DifferentialEquations.jl 3.2 is just a nice feature update. This hits a few long requested features.

## Integrators, Callbacks, and Events with Sundials

The callbacks, both `DiscreteCallback`

and `ContinuousCallback`

, are now able
to be used with the Sundials.jl solvers. This includes `IDA`

, the DAE solver, as
well. This was one of the most requested features for a long time and, well, it’s
here! Also, `tstops`

works with Sundials as well, meaning that all of the tricks
used for building complex control schemes can now work with Sundials.jl.
Additionally, the integrator interface for controlling Sundials via an iterator
exists as well. Note that not all of the integrator interface functions are
implemented right now, but at this point implementing most of them is quite
simple. So please feel free to open feature requests and we can tackle them as
needed.

Sundials.jl is now very well integrated into the DiffEq ecosystem. It’s compatible
with almost every option. The things it’s not compatible with, such as arbitrary
number types, do not seem to fit into the main purposes of its schemes anyways.
The multistep schemes from this library are most efficient in cases where the
user’s `f`

is expensive or the number of ODEs is large. In these cases, arbitrary
precision is infeasible anyways. Thus, since Sundials is a very well-optimized
library, I am putting the development of a native Julia multistep method on
the backburner. Instead, I think the next goals in this domain should be
to finish getting full compatibility of Sundials with the common interface, and
that includes the ability to pass preconditioners, user-defined banded Jacobians,
and ARKODE. Getting those setup with our simple interfaces will make powerful
PDE solving tools and there’s no reason to double our efforts here.

## Callbacks and Events with ODEInterface (and some performance improvements)

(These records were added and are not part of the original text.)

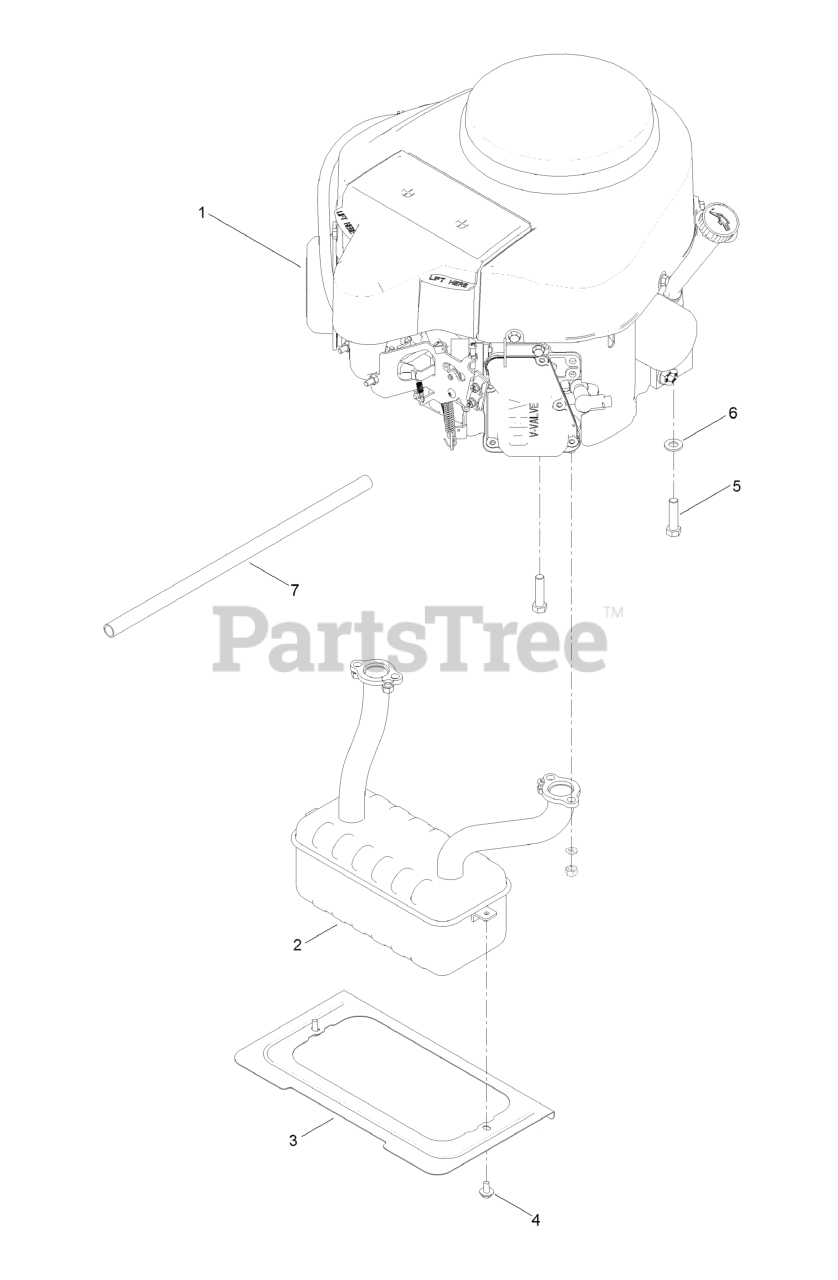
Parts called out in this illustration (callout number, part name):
2	Muffler
3	SHIELD-HEAT
4	SCREW-HHFTF
5	BOLT-HH
6	WASHER-FLAT
7	TUBE-DRAIN, OIL

In the same vein as above, ODEInterface.jl’s common interface bindings are now
compatible with our callback interfaces. This library is now controlled at a
much lower level where we handle its stepping through its output functions.
There’s a few other things which are gained from this. First of all, we more
directly save information that we want, so this actually gives a performance
gain. Secondly, this allowed us to use `saveat`

with the intermediate dense
output. Thus while the solution given to the user only has a linear dense output
due to restrictions of the library, within each step `saveat`

and `ContinuousCallback`

s
are able to make use of the libraries internal higher order interpolation.

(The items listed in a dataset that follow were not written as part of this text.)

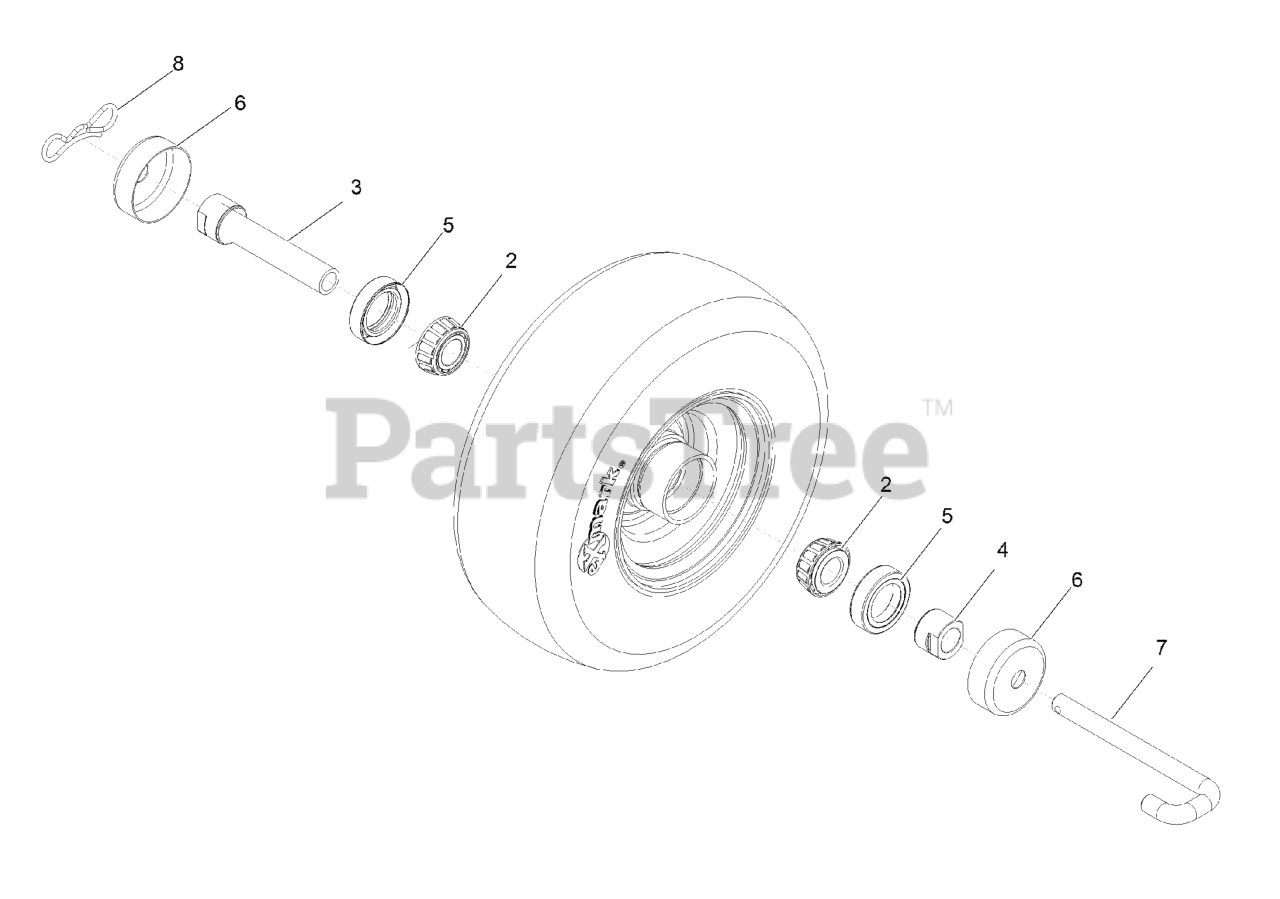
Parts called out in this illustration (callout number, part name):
2	BEARING-CONE, TAPERED ROLLER
3	CASTER AXLE ASM
4	SPACER-NUT
5	SEAL-CASTER
6	GUARD-SEAL
7	PIN, CASTER
8	PIN-COTTER, LOCKING

The end result is that these functions are very compatible with the common
interface now. There are two big exceptions. This library will not be compatible
with `tstops`

, and it cannot have the full `integrator`

interface (i.e. instead
of `solve`

, using `init`

). This is due to how the core integration functions
are written in FORTRAN. However, instead of using `tstops`

with a `DiscreteCallback`

,
one can always make use of a `ContinuousCallback`

, so it’s not terrible.

But this means that useful algorithms like `radau`

, `seulex`

now have all of the
tools to be used with event handling and the like. Thus, for the same reasons
as with Sundials, remaking `radau`

into a native Julia version is now lower
on the priority list. Instead, getting this library setup with user-defined
banded Jacobians would satisfy most users in this department, so I plan on
hitting that up soon and then tackling other areas.

## Expanded Benchmarks

DiffEqBenchmarks.jl got a huge update. The nonstiff ODE problems now showcase more algorithms like lsoda and ddeabm. There are a lot of new stiff ODE test problems and they cover a wide range of algorithms. There’s new tooling which allows for generating work-precision plots of stochastic differential equations without analytical solutions (for both strong and weak error) which is showing some really interesting results that showcase the efficiency of high order adaptive methods.

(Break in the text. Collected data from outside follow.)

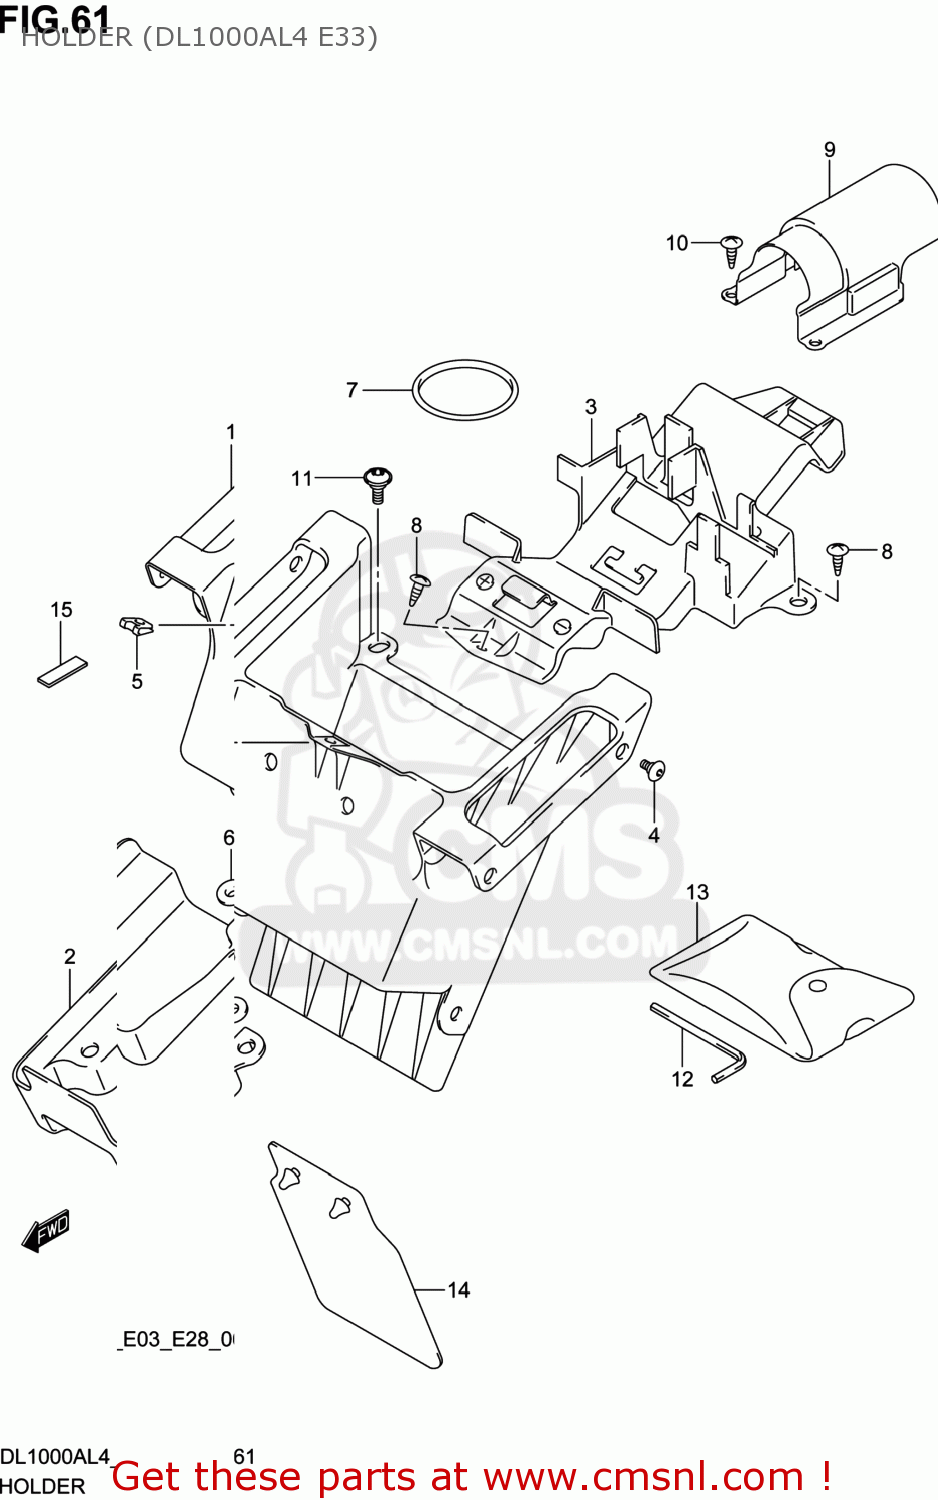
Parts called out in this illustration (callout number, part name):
1	HOLDER,BATTERY
2	COVER,ACTUATOR
3	HOLDER,TOOL
4	SCREW(6X12)
5	NUT
6	WASHER
7	O RING(D:3.5,ID:62.6)
8	SCREW
9	HOLDER,CANISTER
10	SCREW
11	BOLT(5X13)
12	HEXAGON SPANNER,5
13	TOOL ASSY
14	MUDGUARD,RR FENDER
15	CUSHION,PANEL NO.2

## Arrays of Static Arrays

Nested arrays can be a natural way to represent a problem. The `*`

DiffEq libraries
can now handle these nested arrays of static arrays. One user reported a speedup
of 4x by using this to represent their equation.

## New Wrapped Libraries

We welcome Bridge.jl and GeometericIntegrators.jl wrappers to the DiffEq-sphere. Bridge.jl is a library for stochastic calculus and it has some nice out-of-place fixed timestep solvers for stochastic differential equations. GeometericIntegrators.jl is a library of fixed timestep solvers which will likely be focusing on geometric and conservative algorithms. Following the theme of not doubling efforts across the Julia ecosystem, these wrappers expand our focus with less effort.

# In development

The “in development” list has falling sharply. First of all, many things have finished. Other things are being left for Google Summer of Code. But mainly, the increased compatibility of wrapped packages allows us to shift focus. While there would still be advantages of a pure-Julia BDF or Radau method, the advantages, now that these are compatible with even more advanced features like event handling, are minimal. Thus these have been shifted to a lower priority, allowing us to shift our focus.

Thus the main current “in development” list is:

- IMEX and Exponential Integrators
- Improved jump methods (tau-leaping)
- Stiff SDE solvers
- Banded and sparse Jacobian support